SzukajSzukaj
dołącz do nasFacebookGoogleLinkedinTwitter

Tomasz Lis i naTemat.pl muszą przeprosić Michała M. Lisieckiego, PMPG i „Do Rzeczy” za „cinkciarski kapitał”

Sąd Apelacyjny w Warszawie ponownie orzekł, że Tomasz Lis i wydawca naTemat.pl mają przeprosić spółki Orle Pióro i PMPG Polskie Media oraz prezesa tej drugiej Michała M. Lisieckiego za wpis blogowy Lisa sprzed czterech lat sugerujący, że za tygodnikiem „Do Rzeczy” stoi „cinkciarski kapitał”.

Tomasz Lis o „cinkciarskim kapitale” napisał na swoim blogu na portalu naTemat.pl w lutym 2013, oceniając wejście na rynek tygodników „W Sieci” i „Do Rzeczy”. - Nie okazała się też decydująca kwestia kapitału stojącego za tygodnikami niepokornych. Z jednej strony kapitał wySkokowy, z drugiej cinkciarski, trudny wybór, jedźmy dalej - stwierdził dziennikarz.

Pozew wobec Tomasza Lisa i spółki Glob360 (właściciela naTemat.pl) dotyczący wpisu złożyli spółka Orle Pióro wydająca „Do Rzeczy”, jej większościowy udziałowiec PMPG Polskie Media oraz prezes PMPG Michał M. Lisiecki. Ocenili, że stwierdzenie o „cinkciarskim kapitale” było bezprawne i nieuzasadnione oraz naruszyło ich dobra osobiste.

W 2015 roku najpierw Sąd Okręgowy, a potem Sąd Apelacyjny w Warszawie orzekły, że pozwani mają opublikować w serwisie naTemat.pl przeprosiny skierowane do powodów.

Tomasz Lis zapowiedział złożenie skargi kasacyjnej od tego wyroku. - Pan Lisiecki, słysząc o cinkciarskim kapitale, uznał, że to o nim. Może słusznie, ale to są jego skojarzenia, za które nie odpowiadam. Oczywiście nie było żadnej aluzji do Cinkciarza.pl, bo to prawdziwy biznes i sukces - skomentował redaktor naczelny „Newsweek Polska” portalowi Wirtualnemedia.pl.

Natomiast PMPG Polskie Media złożyła wnioski o wszczęciu egzekucji wydanego orzeczenia, oceniając, że Lis i Glob360 celowo uchylają się od opublikowania przeprosin i grają na zwłokę.

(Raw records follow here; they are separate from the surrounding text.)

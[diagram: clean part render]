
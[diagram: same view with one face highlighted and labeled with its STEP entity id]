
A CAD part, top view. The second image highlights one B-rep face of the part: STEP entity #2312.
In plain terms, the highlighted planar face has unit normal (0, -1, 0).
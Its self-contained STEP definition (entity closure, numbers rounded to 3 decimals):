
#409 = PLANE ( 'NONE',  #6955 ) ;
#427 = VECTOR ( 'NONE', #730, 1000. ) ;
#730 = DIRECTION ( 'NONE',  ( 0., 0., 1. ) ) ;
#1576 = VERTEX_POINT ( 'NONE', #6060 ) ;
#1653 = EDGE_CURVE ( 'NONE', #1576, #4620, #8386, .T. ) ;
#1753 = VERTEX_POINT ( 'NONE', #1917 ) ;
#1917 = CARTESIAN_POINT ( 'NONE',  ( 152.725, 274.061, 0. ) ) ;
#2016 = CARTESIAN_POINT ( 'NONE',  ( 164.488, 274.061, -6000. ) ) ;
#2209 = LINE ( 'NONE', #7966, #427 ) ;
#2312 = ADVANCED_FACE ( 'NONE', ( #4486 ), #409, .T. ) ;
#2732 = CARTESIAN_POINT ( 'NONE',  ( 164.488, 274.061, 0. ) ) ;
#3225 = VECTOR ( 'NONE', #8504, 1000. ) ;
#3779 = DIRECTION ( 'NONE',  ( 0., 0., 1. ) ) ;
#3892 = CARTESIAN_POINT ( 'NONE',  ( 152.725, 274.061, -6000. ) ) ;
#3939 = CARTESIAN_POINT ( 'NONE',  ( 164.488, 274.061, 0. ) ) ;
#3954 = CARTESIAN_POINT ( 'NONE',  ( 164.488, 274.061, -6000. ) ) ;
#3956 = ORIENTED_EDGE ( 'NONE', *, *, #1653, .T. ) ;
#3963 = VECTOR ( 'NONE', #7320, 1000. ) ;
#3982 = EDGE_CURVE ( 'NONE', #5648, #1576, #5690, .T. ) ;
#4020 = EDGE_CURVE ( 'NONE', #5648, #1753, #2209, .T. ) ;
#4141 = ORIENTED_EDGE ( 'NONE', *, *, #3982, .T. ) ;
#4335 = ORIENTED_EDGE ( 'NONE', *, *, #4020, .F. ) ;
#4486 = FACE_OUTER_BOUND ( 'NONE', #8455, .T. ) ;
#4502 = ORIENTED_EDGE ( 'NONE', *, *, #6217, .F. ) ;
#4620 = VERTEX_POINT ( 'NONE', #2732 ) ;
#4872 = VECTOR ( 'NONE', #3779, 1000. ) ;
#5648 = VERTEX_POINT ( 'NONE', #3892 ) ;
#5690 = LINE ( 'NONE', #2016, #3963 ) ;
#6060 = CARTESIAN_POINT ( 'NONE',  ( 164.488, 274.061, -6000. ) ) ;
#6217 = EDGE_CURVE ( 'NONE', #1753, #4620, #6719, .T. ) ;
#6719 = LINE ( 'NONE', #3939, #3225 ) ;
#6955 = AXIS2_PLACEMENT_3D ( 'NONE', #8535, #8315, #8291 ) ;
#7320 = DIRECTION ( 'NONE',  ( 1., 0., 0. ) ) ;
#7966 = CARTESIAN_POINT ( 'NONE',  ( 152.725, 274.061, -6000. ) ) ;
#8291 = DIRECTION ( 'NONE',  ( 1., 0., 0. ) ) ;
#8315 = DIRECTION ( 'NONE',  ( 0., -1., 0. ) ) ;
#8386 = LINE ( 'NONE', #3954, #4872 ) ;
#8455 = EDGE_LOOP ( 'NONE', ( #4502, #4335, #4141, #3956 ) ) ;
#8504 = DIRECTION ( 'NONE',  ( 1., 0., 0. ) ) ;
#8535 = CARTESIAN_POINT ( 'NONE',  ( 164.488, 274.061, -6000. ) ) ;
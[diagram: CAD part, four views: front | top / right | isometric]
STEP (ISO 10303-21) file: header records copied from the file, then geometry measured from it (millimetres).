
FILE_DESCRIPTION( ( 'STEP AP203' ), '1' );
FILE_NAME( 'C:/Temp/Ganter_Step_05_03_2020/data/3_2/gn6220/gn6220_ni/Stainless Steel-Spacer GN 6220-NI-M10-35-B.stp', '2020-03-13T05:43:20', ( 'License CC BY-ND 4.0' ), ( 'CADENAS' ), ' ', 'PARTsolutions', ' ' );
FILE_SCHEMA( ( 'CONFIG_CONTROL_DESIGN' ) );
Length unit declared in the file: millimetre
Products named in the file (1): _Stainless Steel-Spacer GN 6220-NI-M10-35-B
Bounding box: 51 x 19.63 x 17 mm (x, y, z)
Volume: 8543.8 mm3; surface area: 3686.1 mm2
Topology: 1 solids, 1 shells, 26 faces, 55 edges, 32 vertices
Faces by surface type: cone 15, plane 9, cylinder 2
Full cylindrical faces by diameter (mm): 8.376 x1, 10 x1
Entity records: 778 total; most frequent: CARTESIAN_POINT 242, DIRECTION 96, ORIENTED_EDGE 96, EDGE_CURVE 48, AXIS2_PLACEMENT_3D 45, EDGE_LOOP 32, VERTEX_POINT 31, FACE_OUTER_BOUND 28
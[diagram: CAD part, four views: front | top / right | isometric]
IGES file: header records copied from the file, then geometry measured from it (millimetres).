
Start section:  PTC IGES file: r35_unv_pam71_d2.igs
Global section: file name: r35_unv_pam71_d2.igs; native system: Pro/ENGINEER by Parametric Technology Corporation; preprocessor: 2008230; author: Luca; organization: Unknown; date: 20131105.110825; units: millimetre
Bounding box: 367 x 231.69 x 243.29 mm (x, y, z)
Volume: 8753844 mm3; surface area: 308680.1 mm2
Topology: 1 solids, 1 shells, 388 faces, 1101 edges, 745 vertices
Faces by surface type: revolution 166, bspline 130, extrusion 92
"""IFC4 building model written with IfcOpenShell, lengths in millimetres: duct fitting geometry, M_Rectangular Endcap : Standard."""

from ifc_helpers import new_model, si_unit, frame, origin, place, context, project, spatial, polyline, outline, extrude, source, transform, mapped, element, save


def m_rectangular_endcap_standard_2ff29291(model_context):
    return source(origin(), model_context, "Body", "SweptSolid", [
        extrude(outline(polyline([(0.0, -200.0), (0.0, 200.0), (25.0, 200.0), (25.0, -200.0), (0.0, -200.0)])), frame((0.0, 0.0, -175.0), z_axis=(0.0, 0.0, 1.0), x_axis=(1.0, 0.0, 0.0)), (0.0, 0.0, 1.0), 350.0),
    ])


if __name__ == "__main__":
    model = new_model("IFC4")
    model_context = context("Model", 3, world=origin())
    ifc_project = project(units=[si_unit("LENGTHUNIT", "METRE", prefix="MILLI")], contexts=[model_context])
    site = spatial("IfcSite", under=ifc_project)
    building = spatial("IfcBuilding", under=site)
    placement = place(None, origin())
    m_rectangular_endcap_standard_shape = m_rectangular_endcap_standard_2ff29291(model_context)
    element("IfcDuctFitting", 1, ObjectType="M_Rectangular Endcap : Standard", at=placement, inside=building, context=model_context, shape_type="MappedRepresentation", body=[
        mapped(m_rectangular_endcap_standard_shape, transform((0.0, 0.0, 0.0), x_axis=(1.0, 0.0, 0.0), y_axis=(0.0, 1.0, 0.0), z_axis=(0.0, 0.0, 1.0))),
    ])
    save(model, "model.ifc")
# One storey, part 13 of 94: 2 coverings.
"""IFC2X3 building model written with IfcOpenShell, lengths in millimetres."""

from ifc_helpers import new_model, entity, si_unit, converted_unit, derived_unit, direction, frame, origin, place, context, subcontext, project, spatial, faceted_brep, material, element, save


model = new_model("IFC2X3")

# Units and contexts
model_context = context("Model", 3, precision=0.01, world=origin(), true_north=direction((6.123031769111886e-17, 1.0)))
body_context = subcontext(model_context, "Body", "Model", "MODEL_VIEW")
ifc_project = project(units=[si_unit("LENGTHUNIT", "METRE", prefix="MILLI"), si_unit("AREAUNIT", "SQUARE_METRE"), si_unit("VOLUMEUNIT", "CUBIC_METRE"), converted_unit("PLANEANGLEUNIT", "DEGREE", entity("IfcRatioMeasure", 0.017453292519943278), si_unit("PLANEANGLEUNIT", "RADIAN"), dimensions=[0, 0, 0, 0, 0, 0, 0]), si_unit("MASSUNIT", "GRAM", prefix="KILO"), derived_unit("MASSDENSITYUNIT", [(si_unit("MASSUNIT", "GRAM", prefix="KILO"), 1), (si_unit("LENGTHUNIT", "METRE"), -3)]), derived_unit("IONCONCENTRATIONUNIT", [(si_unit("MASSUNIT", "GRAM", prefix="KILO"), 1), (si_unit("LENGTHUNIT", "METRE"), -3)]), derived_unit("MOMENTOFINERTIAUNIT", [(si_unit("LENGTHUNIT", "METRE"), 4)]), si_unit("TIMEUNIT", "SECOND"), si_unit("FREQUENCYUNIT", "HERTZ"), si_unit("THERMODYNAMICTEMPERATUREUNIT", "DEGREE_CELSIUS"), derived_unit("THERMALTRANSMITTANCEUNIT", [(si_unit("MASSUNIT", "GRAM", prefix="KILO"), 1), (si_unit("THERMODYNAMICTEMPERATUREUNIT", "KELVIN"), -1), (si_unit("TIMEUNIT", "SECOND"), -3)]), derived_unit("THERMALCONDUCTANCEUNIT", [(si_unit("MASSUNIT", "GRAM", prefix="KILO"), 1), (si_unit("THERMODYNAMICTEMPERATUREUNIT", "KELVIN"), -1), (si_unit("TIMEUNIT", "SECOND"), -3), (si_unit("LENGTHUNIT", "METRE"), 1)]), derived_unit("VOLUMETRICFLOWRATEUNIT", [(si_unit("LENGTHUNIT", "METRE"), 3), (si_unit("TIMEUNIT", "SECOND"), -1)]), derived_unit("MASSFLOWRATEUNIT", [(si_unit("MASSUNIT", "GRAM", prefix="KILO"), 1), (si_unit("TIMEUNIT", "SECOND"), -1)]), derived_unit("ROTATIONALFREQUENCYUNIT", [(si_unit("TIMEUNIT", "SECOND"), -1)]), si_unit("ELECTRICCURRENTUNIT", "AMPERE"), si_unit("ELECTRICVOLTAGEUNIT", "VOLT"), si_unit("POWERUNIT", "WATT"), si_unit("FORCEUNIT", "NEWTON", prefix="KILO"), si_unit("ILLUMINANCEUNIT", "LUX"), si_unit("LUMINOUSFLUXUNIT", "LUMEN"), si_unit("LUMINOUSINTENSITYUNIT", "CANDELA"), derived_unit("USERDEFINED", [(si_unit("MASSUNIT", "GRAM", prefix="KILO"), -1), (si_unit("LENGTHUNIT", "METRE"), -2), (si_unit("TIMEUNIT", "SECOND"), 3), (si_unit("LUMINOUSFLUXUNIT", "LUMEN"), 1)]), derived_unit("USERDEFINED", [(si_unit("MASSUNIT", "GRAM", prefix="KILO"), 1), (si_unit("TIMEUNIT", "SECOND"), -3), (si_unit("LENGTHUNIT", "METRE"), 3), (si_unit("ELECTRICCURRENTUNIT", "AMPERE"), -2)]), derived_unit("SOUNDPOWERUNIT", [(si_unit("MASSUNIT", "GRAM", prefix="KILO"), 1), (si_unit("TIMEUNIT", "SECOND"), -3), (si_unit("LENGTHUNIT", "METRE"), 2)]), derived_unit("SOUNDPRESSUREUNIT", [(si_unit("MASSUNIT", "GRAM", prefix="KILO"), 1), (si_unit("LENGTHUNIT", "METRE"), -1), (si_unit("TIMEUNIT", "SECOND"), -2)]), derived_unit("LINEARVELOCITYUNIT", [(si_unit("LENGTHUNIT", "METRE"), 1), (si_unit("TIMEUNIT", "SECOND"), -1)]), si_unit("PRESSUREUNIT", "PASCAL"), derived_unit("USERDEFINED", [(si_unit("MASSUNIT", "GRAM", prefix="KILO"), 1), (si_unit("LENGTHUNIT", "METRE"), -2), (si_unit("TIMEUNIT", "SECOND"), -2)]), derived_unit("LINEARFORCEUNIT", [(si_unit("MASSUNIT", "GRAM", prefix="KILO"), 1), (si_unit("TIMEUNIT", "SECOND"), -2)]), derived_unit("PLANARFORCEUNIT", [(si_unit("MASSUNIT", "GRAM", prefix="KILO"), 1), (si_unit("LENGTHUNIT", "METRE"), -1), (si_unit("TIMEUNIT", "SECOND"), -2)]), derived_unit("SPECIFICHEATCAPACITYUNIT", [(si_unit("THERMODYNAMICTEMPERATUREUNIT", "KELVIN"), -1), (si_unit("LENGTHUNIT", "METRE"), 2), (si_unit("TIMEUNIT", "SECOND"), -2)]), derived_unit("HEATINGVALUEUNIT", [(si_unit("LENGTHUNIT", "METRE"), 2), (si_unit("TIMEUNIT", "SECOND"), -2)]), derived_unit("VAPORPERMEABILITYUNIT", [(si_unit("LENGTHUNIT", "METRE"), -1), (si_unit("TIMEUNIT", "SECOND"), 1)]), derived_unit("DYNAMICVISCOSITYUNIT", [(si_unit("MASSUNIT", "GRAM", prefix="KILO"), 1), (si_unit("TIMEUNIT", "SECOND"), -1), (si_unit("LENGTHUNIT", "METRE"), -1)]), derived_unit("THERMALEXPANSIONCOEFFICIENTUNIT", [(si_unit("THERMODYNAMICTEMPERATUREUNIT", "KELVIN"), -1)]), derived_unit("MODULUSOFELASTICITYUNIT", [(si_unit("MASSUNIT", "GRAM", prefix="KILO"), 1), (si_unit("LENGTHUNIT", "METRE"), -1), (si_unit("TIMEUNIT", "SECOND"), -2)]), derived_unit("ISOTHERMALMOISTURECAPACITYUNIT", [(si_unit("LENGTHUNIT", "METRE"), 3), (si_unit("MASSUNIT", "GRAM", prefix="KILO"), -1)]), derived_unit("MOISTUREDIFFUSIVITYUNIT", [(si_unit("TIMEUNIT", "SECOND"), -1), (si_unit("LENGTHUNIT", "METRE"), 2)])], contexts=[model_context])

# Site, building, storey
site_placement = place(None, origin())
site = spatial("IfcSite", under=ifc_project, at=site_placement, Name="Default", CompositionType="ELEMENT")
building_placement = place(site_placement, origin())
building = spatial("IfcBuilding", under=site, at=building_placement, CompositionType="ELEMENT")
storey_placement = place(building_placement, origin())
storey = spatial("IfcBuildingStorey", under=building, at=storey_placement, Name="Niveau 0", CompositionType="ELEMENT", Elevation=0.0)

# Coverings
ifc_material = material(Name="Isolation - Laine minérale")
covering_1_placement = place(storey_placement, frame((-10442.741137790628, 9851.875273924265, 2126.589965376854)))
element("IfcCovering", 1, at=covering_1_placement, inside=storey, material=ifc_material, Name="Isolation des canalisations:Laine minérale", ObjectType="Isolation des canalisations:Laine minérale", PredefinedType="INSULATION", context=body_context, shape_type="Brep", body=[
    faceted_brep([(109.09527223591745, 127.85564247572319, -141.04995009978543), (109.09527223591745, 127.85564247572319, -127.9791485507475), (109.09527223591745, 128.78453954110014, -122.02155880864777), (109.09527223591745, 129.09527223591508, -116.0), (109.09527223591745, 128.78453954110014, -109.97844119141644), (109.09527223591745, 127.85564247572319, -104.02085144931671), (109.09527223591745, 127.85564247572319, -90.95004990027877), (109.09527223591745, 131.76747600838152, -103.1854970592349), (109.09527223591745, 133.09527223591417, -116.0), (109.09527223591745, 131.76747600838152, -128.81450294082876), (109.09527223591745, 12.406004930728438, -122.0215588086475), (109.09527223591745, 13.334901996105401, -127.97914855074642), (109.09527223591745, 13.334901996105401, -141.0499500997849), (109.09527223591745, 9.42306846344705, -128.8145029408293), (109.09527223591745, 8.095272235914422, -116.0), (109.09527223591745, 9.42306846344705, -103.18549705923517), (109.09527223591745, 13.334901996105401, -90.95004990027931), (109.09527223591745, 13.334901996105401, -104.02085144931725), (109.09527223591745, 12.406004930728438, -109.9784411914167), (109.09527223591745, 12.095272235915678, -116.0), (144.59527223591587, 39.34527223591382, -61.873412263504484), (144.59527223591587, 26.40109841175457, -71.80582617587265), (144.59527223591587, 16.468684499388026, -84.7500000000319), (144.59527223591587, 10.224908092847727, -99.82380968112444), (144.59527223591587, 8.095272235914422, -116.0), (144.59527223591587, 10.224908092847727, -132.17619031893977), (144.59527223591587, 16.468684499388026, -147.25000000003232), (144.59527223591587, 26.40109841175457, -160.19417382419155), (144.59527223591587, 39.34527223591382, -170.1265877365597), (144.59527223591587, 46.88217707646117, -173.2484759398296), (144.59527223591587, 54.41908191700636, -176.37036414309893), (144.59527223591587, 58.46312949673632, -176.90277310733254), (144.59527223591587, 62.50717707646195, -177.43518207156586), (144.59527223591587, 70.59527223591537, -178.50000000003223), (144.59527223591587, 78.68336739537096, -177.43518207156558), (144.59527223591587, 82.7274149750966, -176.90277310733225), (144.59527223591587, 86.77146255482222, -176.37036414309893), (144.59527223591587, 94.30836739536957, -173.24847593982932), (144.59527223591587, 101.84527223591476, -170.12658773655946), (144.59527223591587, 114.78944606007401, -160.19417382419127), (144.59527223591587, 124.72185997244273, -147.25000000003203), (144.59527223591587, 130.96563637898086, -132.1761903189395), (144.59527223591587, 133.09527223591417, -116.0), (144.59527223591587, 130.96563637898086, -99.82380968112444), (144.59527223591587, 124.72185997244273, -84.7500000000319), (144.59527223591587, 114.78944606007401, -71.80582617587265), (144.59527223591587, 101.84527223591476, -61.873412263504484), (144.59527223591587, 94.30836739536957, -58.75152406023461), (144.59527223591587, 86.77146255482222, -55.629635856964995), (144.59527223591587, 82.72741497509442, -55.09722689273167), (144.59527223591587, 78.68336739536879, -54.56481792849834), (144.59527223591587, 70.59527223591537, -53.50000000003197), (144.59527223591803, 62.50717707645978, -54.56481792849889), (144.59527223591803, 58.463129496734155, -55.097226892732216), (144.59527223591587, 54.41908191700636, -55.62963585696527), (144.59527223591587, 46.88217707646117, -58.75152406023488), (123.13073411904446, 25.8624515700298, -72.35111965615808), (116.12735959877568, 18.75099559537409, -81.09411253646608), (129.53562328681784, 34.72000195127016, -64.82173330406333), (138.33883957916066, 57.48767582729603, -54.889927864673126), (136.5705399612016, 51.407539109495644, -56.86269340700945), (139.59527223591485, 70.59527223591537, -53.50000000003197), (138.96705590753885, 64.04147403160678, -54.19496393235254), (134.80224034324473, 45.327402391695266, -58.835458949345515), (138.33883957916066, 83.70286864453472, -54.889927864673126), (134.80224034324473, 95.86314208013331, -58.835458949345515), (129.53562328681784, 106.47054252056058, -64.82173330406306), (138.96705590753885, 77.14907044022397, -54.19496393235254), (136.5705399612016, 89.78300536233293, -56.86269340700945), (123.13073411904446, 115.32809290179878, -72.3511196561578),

Sąd Najwyższy po rozpatrzeniu skargi skierował sprawę ponownie do drugiej instancji. W środę PMPG Polskie Media poinformowała, że Sąd Apelacyjny drugi raz uznał argumentację pozywających, nakazując Tomaszowi Lisowi i wydawcy naTemat.pl publikację przeprosin.

- Tomasz Lis nie wykonał prawomocnego wyroku. Teraz przegrał ponownie. Spodziewamy się, że ponownie będzie grał na zwłokę, stawiając się ponad prawem, uznając, że jego, jako wybitnego dziennikarza, wyroki sądów nie dotyczą - stwierdza Michał M. Lisiecki.

Lis zapowiada, że jeszcze raz zostanie złożony wniosek o kasację. - W momencie obalenia komunizmu pan Lisiecki miał chyba 15 lat, więc oczywiste jest, że nie sugerowałem, iż był cinkciarzem, ale użyłem słowa "cinkciarski" jako synonimu "cwaniacki" i "w złym stylu" - komentuje dziennikarz dla portalu Wirtualnemedia.pl.

Lis w latach 2010-2012 był redaktorem naczelnym należącego do PMPG Polskie Media tygodnika „Wprost”. Na początku 2012 roku został zwolniony, niedługo potem razem z grupą dziennikarzy „Wprost” przeszedł do „Newsweek Polska”.

Jesienią 2012 roku wydawca „Newsweeka” Ringier Axel Spriger Polska i Lis pozwali PMPG i „Wprost”, zarzucając tygodnikowi skopiowanie akcji społecznej „Newsweeka” podkreślającej dumę z Polski. Natomiast w maju 2014 roku wydawca „Wprost” pozwał RASP i Lisa za skopiowanie przez dziennikarza i jego współpracowników w „Newsweeku” formatu i linii redakcyjnej „Wprost”.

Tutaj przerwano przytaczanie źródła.